Your objective: Output every entry verbatim.

Input data:
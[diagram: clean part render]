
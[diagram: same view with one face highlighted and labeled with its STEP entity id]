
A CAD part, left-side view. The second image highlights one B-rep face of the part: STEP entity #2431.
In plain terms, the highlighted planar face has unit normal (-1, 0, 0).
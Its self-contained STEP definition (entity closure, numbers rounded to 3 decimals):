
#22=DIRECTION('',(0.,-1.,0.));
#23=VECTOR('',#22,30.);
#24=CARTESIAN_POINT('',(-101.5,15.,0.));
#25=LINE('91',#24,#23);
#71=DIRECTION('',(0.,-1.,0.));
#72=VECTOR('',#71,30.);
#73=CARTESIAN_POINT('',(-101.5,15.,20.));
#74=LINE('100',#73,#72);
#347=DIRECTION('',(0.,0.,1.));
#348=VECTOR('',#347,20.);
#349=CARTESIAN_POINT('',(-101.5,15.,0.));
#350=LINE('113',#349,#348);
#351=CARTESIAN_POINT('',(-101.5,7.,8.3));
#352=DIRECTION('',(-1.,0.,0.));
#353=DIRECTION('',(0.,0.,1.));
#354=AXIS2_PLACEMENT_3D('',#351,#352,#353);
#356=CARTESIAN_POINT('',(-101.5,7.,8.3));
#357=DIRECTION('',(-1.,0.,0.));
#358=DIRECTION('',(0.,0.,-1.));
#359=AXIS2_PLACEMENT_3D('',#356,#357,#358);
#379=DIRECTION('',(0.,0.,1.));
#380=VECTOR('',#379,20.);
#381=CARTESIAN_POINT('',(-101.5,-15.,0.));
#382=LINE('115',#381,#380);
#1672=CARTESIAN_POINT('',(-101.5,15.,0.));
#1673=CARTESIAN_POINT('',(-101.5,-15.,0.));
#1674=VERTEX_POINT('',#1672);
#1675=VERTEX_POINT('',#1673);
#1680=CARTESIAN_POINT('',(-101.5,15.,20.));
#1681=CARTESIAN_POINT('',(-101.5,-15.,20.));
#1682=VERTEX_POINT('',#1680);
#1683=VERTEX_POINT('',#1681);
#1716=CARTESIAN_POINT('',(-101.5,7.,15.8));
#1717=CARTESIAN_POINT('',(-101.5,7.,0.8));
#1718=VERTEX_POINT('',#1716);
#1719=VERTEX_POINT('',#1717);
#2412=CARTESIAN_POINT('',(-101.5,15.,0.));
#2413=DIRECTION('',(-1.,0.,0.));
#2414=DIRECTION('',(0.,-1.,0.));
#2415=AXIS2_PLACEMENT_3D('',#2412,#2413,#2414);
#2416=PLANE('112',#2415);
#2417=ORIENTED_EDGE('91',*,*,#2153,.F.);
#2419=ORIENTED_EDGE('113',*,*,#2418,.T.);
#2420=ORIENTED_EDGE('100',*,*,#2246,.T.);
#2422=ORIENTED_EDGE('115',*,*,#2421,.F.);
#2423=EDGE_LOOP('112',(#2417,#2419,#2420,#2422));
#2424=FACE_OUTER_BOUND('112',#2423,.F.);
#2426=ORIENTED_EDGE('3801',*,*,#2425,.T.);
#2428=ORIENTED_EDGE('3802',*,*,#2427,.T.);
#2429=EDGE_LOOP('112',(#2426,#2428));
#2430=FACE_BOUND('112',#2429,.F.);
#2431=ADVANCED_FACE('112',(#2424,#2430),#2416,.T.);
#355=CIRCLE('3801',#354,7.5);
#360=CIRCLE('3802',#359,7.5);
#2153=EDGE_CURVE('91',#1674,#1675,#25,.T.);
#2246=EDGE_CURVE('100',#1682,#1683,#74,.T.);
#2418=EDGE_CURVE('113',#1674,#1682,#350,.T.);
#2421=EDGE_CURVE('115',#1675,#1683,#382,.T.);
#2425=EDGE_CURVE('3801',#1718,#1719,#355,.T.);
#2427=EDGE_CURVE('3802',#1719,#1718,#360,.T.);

Final answer:
[diagram: clean part render]
[diagram: same view with one face highlighted and labeled with its STEP entity id]
A CAD part, left-side view. The second image highlights one B-rep face of the part: STEP entity #2431.
In plain terms, the highlighted planar face has unit normal (-1, 0, 0).
Its self-contained STEP definition (entity closure, numbers rounded to 3 decimals):
#22=DIRECTION('',(0.,-1.,0.));
#23=VECTOR('',#22,30.);
#24=CARTESIAN_POINT('',(-101.5,15.,0.));
#25=LINE('91',#24,#23);
#71=DIRECTION('',(0.,-1.,0.));
#72=VECTOR('',#71,30.);
#73=CARTESIAN_POINT('',(-101.5,15.,20.));
#74=LINE('100',#73,#72);
#347=DIRECTION('',(0.,0.,1.));
#348=VECTOR('',#347,20.);
#349=CARTESIAN_POINT('',(-101.5,15.,0.));
#350=LINE('113',#349,#348);
#351=CARTESIAN_POINT('',(-101.5,7.,8.3));
#352=DIRECTION('',(-1.,0.,0.));
#353=DIRECTION('',(0.,0.,1.));
#354=AXIS2_PLACEMENT_3D('',#351,#352,#353);
#356=CARTESIAN_POINT('',(-101.5,7.,8.3));
#357=DIRECTION('',(-1.,0.,0.));
#358=DIRECTION('',(0.,0.,-1.));
#359=AXIS2_PLACEMENT_3D('',#356,#357,#358);
#379=DIRECTION('',(0.,0.,1.));
#380=VECTOR('',#379,20.);
#381=CARTESIAN_POINT('',(-101.5,-15.,0.));
#382=LINE('115',#381,#380);
#1672=CARTESIAN_POINT('',(-101.5,15.,0.));
#1673=CARTESIAN_POINT('',(-101.5,-15.,0.));
#1674=VERTEX_POINT('',#1672);
#1675=VERTEX_POINT('',#1673);
#1680=CARTESIAN_POINT('',(-101.5,15.,20.));
#1681=CARTESIAN_POINT('',(-101.5,-15.,20.));
#1682=VERTEX_POINT('',#1680);
#1683=VERTEX_POINT('',#1681);
#1716=CARTESIAN_POINT('',(-101.5,7.,15.8));
#1717=CARTESIAN_POINT('',(-101.5,7.,0.8));
#1718=VERTEX_POINT('',#1716);
#1719=VERTEX_POINT('',#1717);
#2412=CARTESIAN_POINT('',(-101.5,15.,0.));
#2413=DIRECTION('',(-1.,0.,0.));
#2414=DIRECTION('',(0.,-1.,0.));
#2415=AXIS2_PLACEMENT_3D('',#2412,#2413,#2414);
#2416=PLANE('112',#2415);
#2417=ORIENTED_EDGE('91',*,*,#2153,.F.);
#2419=ORIENTED_EDGE('113',*,*,#2418,.T.);
#2420=ORIENTED_EDGE('100',*,*,#2246,.T.);
#2422=ORIENTED_EDGE('115',*,*,#2421,.F.);
#2423=EDGE_LOOP('112',(#2417,#2419,#2420,#2422));
#2424=FACE_OUTER_BOUND('112',#2423,.F.);
#2426=ORIENTED_EDGE('3801',*,*,#2425,.T.);
#2428=ORIENTED_EDGE('3802',*,*,#2427,.T.);
#2429=EDGE_LOOP('112',(#2426,#2428));
#2430=FACE_BOUND('112',#2429,.F.);
#2431=ADVANCED_FACE('112',(#2424,#2430),#2416,.T.);
#355=CIRCLE('3801',#354,7.5);
#360=CIRCLE('3802',#359,7.5);
#2153=EDGE_CURVE('91',#1674,#1675,#25,.T.);
#2246=EDGE_CURVE('100',#1682,#1683,#74,.T.);
#2418=EDGE_CURVE('113',#1674,#1682,#350,.T.);
#2421=EDGE_CURVE('115',#1675,#1683,#382,.T.);
#2425=EDGE_CURVE('3801',#1718,#1719,#355,.T.);
#2427=EDGE_CURVE('3802',#1719,#1718,#360,.T.);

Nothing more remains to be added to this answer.